We’re trying to shorten our webinars a bit, some of our webinars ran to about 40 minutes with questions, we’re aiming to get them down to below 30. So hopefully, it gives you a bit more time as well, and won’t take so much out of your day. So that’s covered our very brief overview of legitimate interest, and why it’s so important. I’d ask if there’s any questions, if you can enter them in now.

So Fran has asked how often do we need to carry out a legitimate interest assessment. And this is really interesting, because there’s not really a process in GDPR that I’m aware of anyway. And again, not not a legal person around legitimate interest assessments, the law says, you can only use legitimate interest if you have a legitimate interest. So there’s no defence saying, Oh, we looked at it three months ago, and we thought it was just legitimate now, then, so we’re now doing the same thing. So you should always be keeping your assessment of what’s legitimate, and what’s not up to date. And so, you know, trying to do it as cycles may be something you choose to do. But I think, you know, whenever you run a campaign, and you’re using legitimate interest, I think, having a thought about you know, Is this fair? Does this in our opinion, balance, you know, our rights, to, you know, pursue our business, versus the people who are going to market to their rights to privacy. And I think it’s important to do that, you know, really every campaign unfortunately.

We’ve got another question from John. Thank you, John, for the question. A clear purpose and evil one of the things specifically given in the GDPR legislation, is marketing products. So a legitimate interest for a business is to, you know, want to market and promote your products to potential customers. So that is absolutely example of Purpose and Need. Typically, what people do when they’re gathering data around legitimate interest, is it’s much more around why they think that contact is relevant to their company. So why they think they’ve got a legitimate interest to that contact. So as an example, you know, there’s lots of clients here, I think, that are from the electronic components business, we have a big show coming up called electronica. It’s a reasonable assumption that anybody who comes onto your booth at electronica is probably in some way interest in your products, certainly relevant and recording that you obtained.

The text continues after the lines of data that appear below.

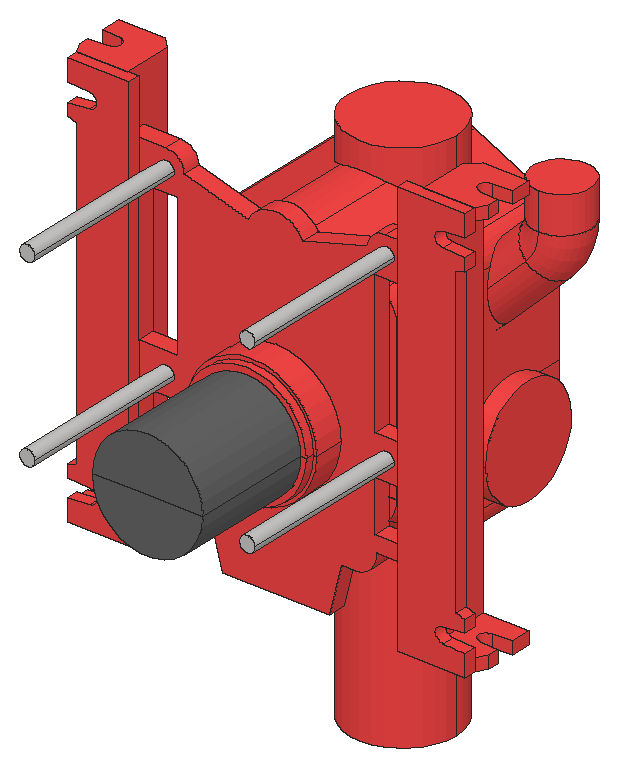
Revit family
Parameters (values of type "Standard Length")
  Vertical Pipe Nominal Radius = 2"
  Vertical Pipe Nominal Diameter = Vertical Pipe Nominal Radius * 2  # 4"
  Vent Nominal Radius = 1"
  Vent Nominal Diameter = Vent Nominal Radius * 2  # 2"
  Vent Flow = 0 GPM
  URL = "http://tylerpipe.com/"
  Type Comments = ""
  Slope Adjustment = yes
  Side Waste Inlet Standard Radius = 2"
  Side Waste Inlet Standard Diameter = Side Waste Inlet Standard Radius * 2  # 4"
  Rough-In Height [instance] = 0' - 6 1/2"
  Plastic Nipple Material = Plastic - Tyler Pipe - Black
  Plastic Nipple Length = 0' - 5"
  Pipe Material = Metal - Tyler Pipe - Cast Iron
  Model = "340-NR"
  Manufacturer = "Tyler Pipe"
  Main Out Flush = Main In Flow + Horizontal In Flow + Flush Flow 1 + Vent Flow  # 0 GPM
  Main In Flow = 0 GPM
  Horizontal In Flow = 0 GPM
  Horizontal Connection Height [instance] = 0' - 4 137/256"
  Horizontal Pipe Outer Radius = 2 3/16"
  Horizontal Pipe Nominal Radius = 2"
  Horizontal Pipe Nominal Diameter = Horizontal Pipe Nominal Radius * 2  # 4"
  Flush Flow 1 = 0 GPM
  Description = "Right-Handed Adjustable Vertical No-Hub Carrier"
  CALC_Slope H = 0' - 0 7/64"
  CALC_Outlet Length = 0' - 5 1/8"
  CALC_Main Length = -0' - 10 3/8"
  Bracket Material = Metal - Tyler Pipe - Cast Iron
  Bolt Material = Metal - Tyler Pipe - Stainless Steel
  Bolt Length = 0' - 7 9/128"
  Assembly Code = "D2030100"
Reference planes (in)
  plane 1 "Center (Front/Back)": y = 0
  plane 2: z = 0
  plane 3 "Center (Left/Right)": x = 0
  plane 4 "Rough-In": z = 6.5
  plane 5 "Main Fitting Outlet": z = 4.42578
  plane 6 "Top": z = 17
  plane 7 "Support Foot Left": x = -8.375
  plane 8 "Support Foot Right": x = 8.375
  plane 9 "Carrier Faceplate Back": y = 7
  plane 10 "Carrier Faceplate Front": y = -7
  plane 11 "Faceplate Back": y = 6.5
  plane 12 "Faceplate Front": y = -6.5
  plane 13: x = -8.125
  plane 14: x = 8.125
  plane 15 "Bolts Left": x = -4.5
  plane 16 "Bolts Right": x = 4.5
  plane 17 "Bolts Front": y = -13.57031
  plane 18 "Bolts Back": y = 13.57031
  plane 19 "Main Fitting Inlet": z = 4.53516
  plane 20 "O": x = -1.5
  plane 21 "Outlet": x = 5.125
  plane 22 "Vent": x = 4
  plane 23 "V": z = 11.3959
  plane 24 "Bottom Side Inlet Geometry": z = 2.34777
  plane 25: z = 16.5
  plane 26: z = 0.5
  plane 27: x = -6.49997
  plane 28: x = 6.51229
  plane 29: z = 6.5
  plane 30: z = 6.5
  plane 31 "Bolts Front Back": y = -5.48803
  plane 32 "Bolts Back Front": y = 5.48803
  plane 33 "Side Inlet Front": y = -13.06327
  plane 34 "Side Inlet Back": y = 13.06327
  plane 35: y = -8.06327
  plane 36: y = 8.06327
  plane 37 "Inlet": x = -5.25
  plane 38 "Vent Height": z = 14.70546
  plane 39 "Back Support": y = 2.5
  plane 40 "Vent Horizontal": x = 6.49997
Forms (in)
  Extrusion 1, solid, material "Metal - Tyler Pipe - Cast Iron" <- "Pipe Material", detail levels medium+fine
    sketch origin (5.125, 0, 4.53516) x (0, -1, 0) y (0.010542, 0, -0.999944)
      loop
        circle (0, 0) r 2.1875
    from 0 to -10.375 <- "CALC_Main Length"
  Extrusion 2, solid, material "Metal - Tyler Pipe - Cast Iron" <- "Bracket Material", detail levels fine
    sketch origin (0, -7, 0) x (-1, 0, 0) y (0, 0, -1)
      loop
        line (8.12501, 0) -> (5.62497, 0) -> (5.62497, -16.99997) -> (8.12501, -16.99997) -> (8.12501, -16.11913) -> (7.22821, -16.05642)
        arc (7.22821, -16.05642) -> (6.91647, -15.74468) -> (7.22821, -15.43294) r 0.31174
        line (7.22821, -15.43294) -> (8.12498, -15.37024) -> (8.12498, -14.86967) -> (7.75, -14.7692) -> (7.75, -2.22548) -> (8.12498, -2.12501) -> (8.12498, -1.62445) -> (7.22821, -1.56174)
        arc (7.22821, -1.56174) -> (6.91647, -1.25) -> (7.22821, -0.93826) r 0.31174
        line (7.22821, -0.93826) -> (8.12501, -0.87555) -> (8.12501, 0)
      loop
        line (-5.37497, -16.99997) -> (-5.37497, 0) -> (-8.12501, 0) -> (-8.12501, -0.87555) -> (-7.22821, -0.93826)
        arc (-7.22821, -0.93826) -> (-6.91647, -1.25) -> (-7.22821, -1.56174) r 0.31174
        line (-7.22821, -1.56174) -> (-8.12498, -1.62445) -> (-8.12498, -2.12501) -> (-7.75, -2.22548) -> (-7.75, -14.7692) -> (-8.12498, -14.86967) -> (-8.12498, -15.37024) -> (-7.22821, -15.43294)
        arc (-7.22821, -15.43294) -> (-6.91647, -15.74468) -> (-7.22821, -16.05642) r 0.31174
        line (-7.22821, -16.05642) -> (-8.12501, -16.11913) -> (-8.12501, -16.99997) -> (-5.37497, -16.99997)
    from 0 to -0.5
  Extrusion 3, solid, material "Metal - Tyler Pipe - Cast Iron" <- "Bracket Material", detail levels fine
    sketch origin (0, 0, 0) x (1, 0, 0) y (0, 1, 0)
      loop
        line (-8.37498, -6.0625) -> (-8.12501, -6.5) -> (-6.06247, -6.5) -> (-6.06247, -4.5) -> (-6.49997, -4.0625) -> (-8.37498, -4.0625) -> (-8.37498, -4.875) -> (-7.59946, -4.93854)
        arc (-7.59946, -4.93854) -> (-7.288, -5.25) -> (-7.59946, -5.56146) r 0.31146
        line (-7.59946, -5.56146) -> (-8.37498, -5.625) -> (-8.37498, -6.0625)
      loop
        line (6.06247, -4.5) -> (6.06247, -6.5) -> (8.12501, -6.5) -> (8.37498, -6.0625) -> (8.37498, -5.625) -> (7.59946, -5.56146)
        arc (7.59946, -5.56146) -> (7.288, -5.25) -> (7.59946, -4.93854) r 0.31146
        line (7.59946, -4.93854) -> (8.37498, -4.875) -> (8.37498, -4.0625) -> (6.49997, -4.0625) -> (6.06247, -4.5)
    from 0 to 17
  Extrusion 4, void
    sketch origin (0, 7, 0) x (-1, 0, 0) y (0, 0, 1)
      loop
        line (9.12254, 16.5) -> (6.49997, 16.5) -> (6.49997, 0.5) -> (9.12254, 0.5) -> (9.12254, 16.5)
      loop
        line (-9.26801, 16.5) -> (-9.26801, 0.5) -> (-6.51229, 0.5) -> (-6.51229, 16.5) -> (-9.26801, 16.5)
    from -13.5 to 0.5
  Extrusion 5, solid, material "Metal - Tyler Pipe - Cast Iron" <- "Bracket Material", detail levels fine
    sketch origin (0, -6.5, 0) x (-1, 0, 0) y (0, 0, -1)
      loop
        line (5.62497, -13.125) -> (5.62497, -7.3125) -> (4.03125, -7.3125) -> (4.03125, -13.125) -> (5.62497, -13.125)
      loop
        line (6.06247, -14.75) -> (6.06247, -2.9375) -> (4.13677, -2.9375)
        arc (4.13677, -2.9375) -> (3.90415, -2.27848) -> (3.26316, -2) r 0.875
        line (3.26316, -2) -> (2.685, -2) -> (2.18492, 0) -> (-2.18492, 0) -> (-2.685, -2) -> (-3.26316, -2)
        arc (-3.26316, -2) -> (-3.90415, -2.27848) -> (-4.13677, -2.9375) r 0.875
        line (-4.13677, -2.9375) -> (-6.06247, -2.9375) -> (-6.06247, -14.75) -> (-4.5, -14.75)
        arc (-4.5, -14.75) -> (-3.98825, -14.54828) -> (-3.75178, -14.05163) r 0.75
        line (-3.75178, -14.05163) -> (-1.11315, -13.31868)
        arc (-1.11315, -13.31868) -> (0, -14) -> (1.11315, -13.31868) r 1.25
        line (1.11315, -13.31868) -> (3.75178, -14.05163)
        arc (3.75178, -14.05163) -> (3.98825, -14.54828) -> (4.5, -14.75) r 0.75
        line (4.5, -14.75) -> (6.06247, -14.75)
      loop
        line (5.62497, -3.5625) -> (4.03125, -3.5625) -> (4.03125, -5.6875) -> (5.62497, -5.6875) -> (5.62497, -3.5625)
      loop
        line (-5.37497, -13.125) -> (-4.03125, -13.125) -> (-4.03125, -7.3125) -> (-5.37497, -7.3125) -> (-5.37497, -13.125)
      loop
        line (-5.37497, -3.5625) -> (-5.37497, -5.6875) -> (-4.03125, -5.6875) -> (-4.03125, -3.5625) -> (-5.37497, -3.5625)
    from 0 to -0.75
  Revolve 6, solid, material "Metal - Tyler Pipe - Cast Iron" <- "Pipe Material", detail levels fine
    sketch origin (0, 0, 6.5) x (-1, 0, 0) y (0, -1, 0)
      loop
        line (0, 6.5) -> (2.64908, 6.5) -> (2.64908, 7.71875) -> (2.5, 7.71875) -> (2.5, 8.06327) -> (0, 8.06327) -> (0, 6.5)
      axis (0, 6.5) -> (0, 8.06327)
    angle from 0 to 360
  Extrusion 7, solid, material "Metal - Tyler Pipe - Stainless Steel" <- "Bolt Material", detail levels fine
    sketch origin (0, -6.5, 0) x (-1, 0, 0) y (0, 0, -1)
      loop
        circle (4.5, -14) r 0.3125
      loop
        circle (4.5, -6.5) r 0.3125
      loop
        circle (-4.5, -14) r 0.3125
      loop
        circle (-4.5, -6.5) r 0.3125
    from 7.07031 to -1.01197
  Revolve 8, solid, material "Plastic - Tyler Pipe - Black" <- "Plastic Nipple Material", detail levels medium+fine
    sketch origin (0, 0, 6.5) x (-1, 0, 0) y (0, -1, 0)
      loop
        line (0, 5.75) -> (0, 13.06327) -> (-2.25, 13.06327) -> (-2.25, 5.75) -> (0, 5.75)
      axis (0, 5.75) -> (0, 13.06327)
    angle from 0 to 360
  Extrusion 9, solid, material "Metal - Tyler Pipe - Cast Iron" <- "Bracket Material", detail levels medium
    sketch origin (0, 0, 4.42578) x (-1, 0, 0) y (0, -1, 0)
      loop
        line (8.375, 7) -> (-8.375, 7) -> (-8.375, 4.0625) -> (8.375, 4.0625) -> (8.375, 7)
    from 12.57422 to -4.42578
  Extrusion 10, solid, material "Metal - Tyler Pipe - Cast Iron" <- "Pipe Material", detail levels fine
    sketch origin (0, -6.5, 0) x (-1, 0, 0) y (0, 0, -1)
      loop
        arc (3.73213, -12.08095) -> (4.18796, -11.67498) -> (4.36056, -11.0895) r 1.11114
        line (4.36056, -11.0895) -> (4.36056, -6.13768) -> (-4.36056, -6.13768) -> (-4.36056, -11.0895)
        arc (-4.36056, -11.0895) -> (-4.18796, -11.67498) -> (-3.73213, -12.08095) r 1.11114
        line (-3.73213, -12.08095) -> (-0.93697, -13.42897)
        arc (-0.93697, -13.42897) -> (0, -13.64311) -> (0.93697, -13.42897) r 2.15697
        line (0.93697, -13.42897) -> (3.73213, -12.08095)
    from -0.75 to -9
  Sweep 11, solid, material "Metal - Tyler Pipe - Cast Iron" <- "Pipe Material", detail levels fine
    path origin (0, 0, 0) x (0, 1, 0) y (0, 0, 1)
      loop
        line (-5.75, 5.24184) -> (-1.92239, 2.87906) -> (1.79739, 2.87906) -> (2.5, 3.31278)
    profile origin (0, -3.83619, 4.06045) x (0, 0.525279, 0.85093) y (1, 0, 0)
      loop
        arc (-0.5, 4.36056) -> (-0.92032, 4.27415) -> (-1.27655, 4.03491) r 1.11114
        arc (-1.27655, 4.03491) -> (-1.8423, 2.75045) -> (-2.41142, 1.46748) r 534.00949
        arc (-2.41142, 1.46748) -> (-2.48755, 1.28006) -> (-2.55113, 1.08801) r 3.0625
        line (-2.55113, 1.08801) -> (-2.55113, -1.08801)
        arc (-2.55113, -1.08801) -> (-2.48755, -1.28006) -> (-2.41142, -1.46748) r 3.0625
        arc (-2.41142, -1.46748) -> (-1.8423, -2.75045) -> (-1.27655, -4.03491) r 534.00949
        arc (-1.27655, -4.03491) -> (-0.92032, -4.27415) -> (-0.5, -4.36056) r 1.11114
        line (-0.5, -4.36056) -> (-0.5, 4.36056)
  Extrusion 12, void
    sketch origin (0, 0, 0) x (0, 1, 0) y (0, 0, 1)
      loop
        line (-5.75, 8.0625) -> (-10, 8.0625) -> (-10, -0.4375) -> (-5.75, -0.4375) -> (-5.75, 8.0625)
      loop
        line (2.5, 8.0625) -> (2.5, -0.4375) -> (5.48803, -0.4375) -> (5.48803, 8.0625) -> (2.5, 8.0625)
    from 4.5 to -4.5
  Extrusion 13, solid, material "Metal - Tyler Pipe - Cast Iron" <- "Pipe Material", detail levels medium+fine
    sketch origin (0, 0, 0) x (0, 1, 0) y (0, 0, 1)
      loop
        line (-5.75, 6.13768) -> (-5.75, 4.65425) -> (-2.06428, 2.37906) -> (1.93928, 2.37906) -> (2.5, 2.72519) -> (2.5, 6.13768) -> (-5.75, 6.13768)
    from 4.36056 to -4.36056
  Extrusion 14, solid, material "Metal - Tyler Pipe - Cast Iron" <- "Pipe Material", detail levels medium+fine
    sketch origin (0, 0, 4.53516) x (-1, 0, 0) y (0, -1, 0)
      loop
        circle (0, 0) r 2.1875
    from 10.1703 to -11.82555
  Extrusion 15, solid, material "Metal - Tyler Pipe - Cast Iron" <- "Bracket Material", detail levels fine
    sketch origin (0, 0, 4.53516) x (-1, 0, 0) y (0, -1, 0)
      loop
        line (1.38386, -2.12456) -> (-1.38386, -2.12456) -> (-0.95031, -3.75) -> (-0.3125, -3.75) -> (-0.2512, -3.125)
        arc (-0.2512, -3.125) -> (0, -2.8738) -> (0.2512, -3.125) r 0.2512
        line (0.2512, -3.125) -> (0.3125, -3.75) -> (0.95031, -3.75) -> (1.38386, -2.12456)
    from 0.25 to -0.25
  Extrusion 16, solid, material "Metal - Tyler Pipe - Cast Iron" <- "Bracket Material", detail levels fine
    sketch origin (0, 0, 0) x (1, 0, 0) y (0, 1, 0)
      loop
        arc (-1.28125, 3.59375) -> (0, 2.3125) -> (1.28125, 3.59375) r 1.28125
        line (1.28125, 3.59375) -> (1.28125, 5.125) -> (0.375, 5.125) -> (0.31146, 4.34948)
        arc (0.31146, 4.34948) -> (0, 4.03802) -> (-0.31146, 4.34948) r 0.31146
        line (-0.31146, 4.34948) -> (-0.375, 5.125) -> (-1.28125, 5.125) -> (-1.28125, 3.59375)
    from 0 to 0.5
  Revolve 17, solid, material "Metal - Tyler Pipe - Stainless Steel" <- "Bolt Material", detail levels fine
    sketch origin (0, 0, 0) x (0, 1, 0) y (0, 0, 1)
      loop
        line (3.17826, 0.5) -> (3.17826, 5.6912) -> (2.9994, 5.6912) -> (2.9994, 0.5) -> (3.17826, 0.5)
      axis (2.9994, 5.6912) -> (2.9994, 0.5)
    angle from 0 to 360
  Sweep 18, solid, material "Metal - Tyler Pipe - Cast Iron" <- "Pipe Material", detail levels medium+fine
    path origin (0, 0, 0) x (-1, 0, 0) y (0, 0, 1)
      loop
        line (-6.4992, 14.70546) -> (-6.4992, 13.19483)
        arc (-6.4992, 13.19483) -> (-6.36339, 12.51204) -> (-5.97662, 11.9332) r 1.78422
        line (-5.97662, 11.9332) -> (-1.02687, 6.98345)
    profile origin (6.4992, 0, 13.95014) x (0, -1, 0) y (1, 0, 0)
      loop
        circle (0, 0) r 1.17578
Cuts and joins
  Extrusion 4 cuts Extrusion 3
  Extrusion 12 cuts Sweep 11
Lines and regions (in)
  reference lines, not visible
    curve 1: line (-5.25, 0, 4.42578) -> (5.125, 0, 4.53516)
  model lines, detail levels coarse
    curve 2: line (0, 0, 6.5) -> (0, -13.06327, 6.5)
    curve 3: line (0, 0, 14.70546) -> (0, 0, -7.2904)
    curve 4: line (6.49997, 0, 14.70546) -> (6.49997, 0, 13.4557)
    curve 5: line (6.49997, 0, 13.4557) -> (0, 0, 11.3959)
    curve 6: line (0, 0, 4.48113) -> (5.125, 0, 4.53516)
Dimensions and locks (in)
  "Rough-In Height": plane 4 "Rough-In" to plane 2
  equal spacing: plane 8 "Support Foot Right", plane 3 "Center (Left/Right)", plane 7 "Support Foot Left"
  locked: plane 6 "Top" to plane 2 at 17
  locked: plane 9 "Carrier Faceplate Back" to plane 10 "Carrier Faceplate Front" at 14
  equal spacing: plane 9 "Carrier Faceplate Back", plane 1 "Center (Front/Back)", plane 10 "Carrier Faceplate Front"
  locked: plane 9 "Carrier Faceplate Back" to plane 11 "Faceplate Back" at 0.5
  locked: plane 10 "Carrier Faceplate Front" to plane 12 "Faceplate Front" at 0.5
  locked: plane 13 to plane 7 "Support Foot Left" at 0.25
  locked: plane 14 to plane 8 "Support Foot Right" at 0.25
  equal spacing: plane 17 "Bolts Front", plane 1 "Center (Front/Back)", plane 18 "Bolts Back"
  "Bolt Length": plane 17 "Bolts Front" to plane 12 "Faceplate Front"
  equal spacing: plane 15 "Bolts Left", plane 3 "Center (Left/Right)", plane 16 "Bolts Right"
  locked: plane 15 "Bolts Left" to plane 16 "Bolts Right" at 9
  plane 20 "O" to plane 3 "Center (Left/Right)" = 0' - 1 1/2"
  "CALC_Outlet Length": plane 3 "Center (Left/Right)" to plane 21 "Outlet"
  "CALC_Slope H": plane 19 "Main Fitting Inlet" to plane 5 "Main Fitting Outlet"
  locked: plane 3 "Center (Left/Right)" to plane 22 "Vent" at 4
  locked: plane 19 "Main Fitting Inlet" to plane 24 "Bottom Side Inlet Geometry" at 2.18738
  locked: plane 6 "Top" to plane 25 at 0.5
  locked: plane 26 to level at 0.5
  locked: plane 23 "V" to plane 5 "Main Fitting Outlet" at 6.97012
  locked: Extrusion 5 sketch curve to plane 29 at 8.25  (x2)
  locked: plane 29 to Extrusion 5 sketch curve at 3.5625  (x2)
  locked: Extrusion 5 sketch curve to plane 29 at 6.625  (x2)
  locked: plane 29 to Extrusion 5 sketch curve at 2.9375  (x2)
  locked: plane 29 to Extrusion 5 sketch curve at 6.5
  locked: Extrusion 7 sketch curve to plane 30 at 7.5  (x2)
  locked: Extrusion 5 sketch curve to plane 29 at 0.8125  (x2)
  locked: plane 29 to Extrusion 5 sketch curve at 0.8125  (x2)
  locked: plane 12 "Faceplate Front" to plane 31 "Bolts Front Back" at 1.01197
  locked: plane 11 "Faceplate Back" to plane 32 "Bolts Back Front" at 1.01197
  locked: plane 36 to plane 9 "Carrier Faceplate Back" at 1.06327
  locked: plane 35 to plane 10 "Carrier Faceplate Front" at 1.06327
  "Plastic Nipple Length": plane 33 "Side Inlet Front" to plane 35
  "Plastic Nipple Length": plane 36 to plane 34 "Side Inlet Back"
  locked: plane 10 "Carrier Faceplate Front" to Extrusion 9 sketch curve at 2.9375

The contact details at the electronic trade show would be a great example of showing why there is legitimate interest for that particular person, and why your interests might outweigh their need for privacy. If you go into Munich and go to the Hofbrauhaus get drinking and then pick up a few business cards off the floor. You know, whilst there’s a chance some of those might be relevant to your business, unless you can show specifically that you know, the companies they work for a relevant and It’s unlikely you could really convince any court that you had a legitimate interest in emailing them, because they were in the Hofbrauhaus in November. So I think it’s about, you know, understanding why those contacts are relevant to you, rather than necessarily defining your need at the time of data collection.

So I think we’ve covered all the questions there. As I said, we’re trying something a little bit different. We’re trying to complete the presentation for these webinars in about 20 minutes. And make sure you don’t have to spend more than half an hour listening to us. So we give you some time back. Hopefully you like these slightly shorter webinars. If you don’t, obviously, tell us if you do, please definitely do tell us because we’d love to hear if you’d like something around the webinars. And I hope to see you all for the next webinar, where we’ll be talking about marketing metrics, and the metrics that should get you promoted as well as the ones that might get you fired. Thank you very much, everyone, and look forward to speaking to you in June. Bye.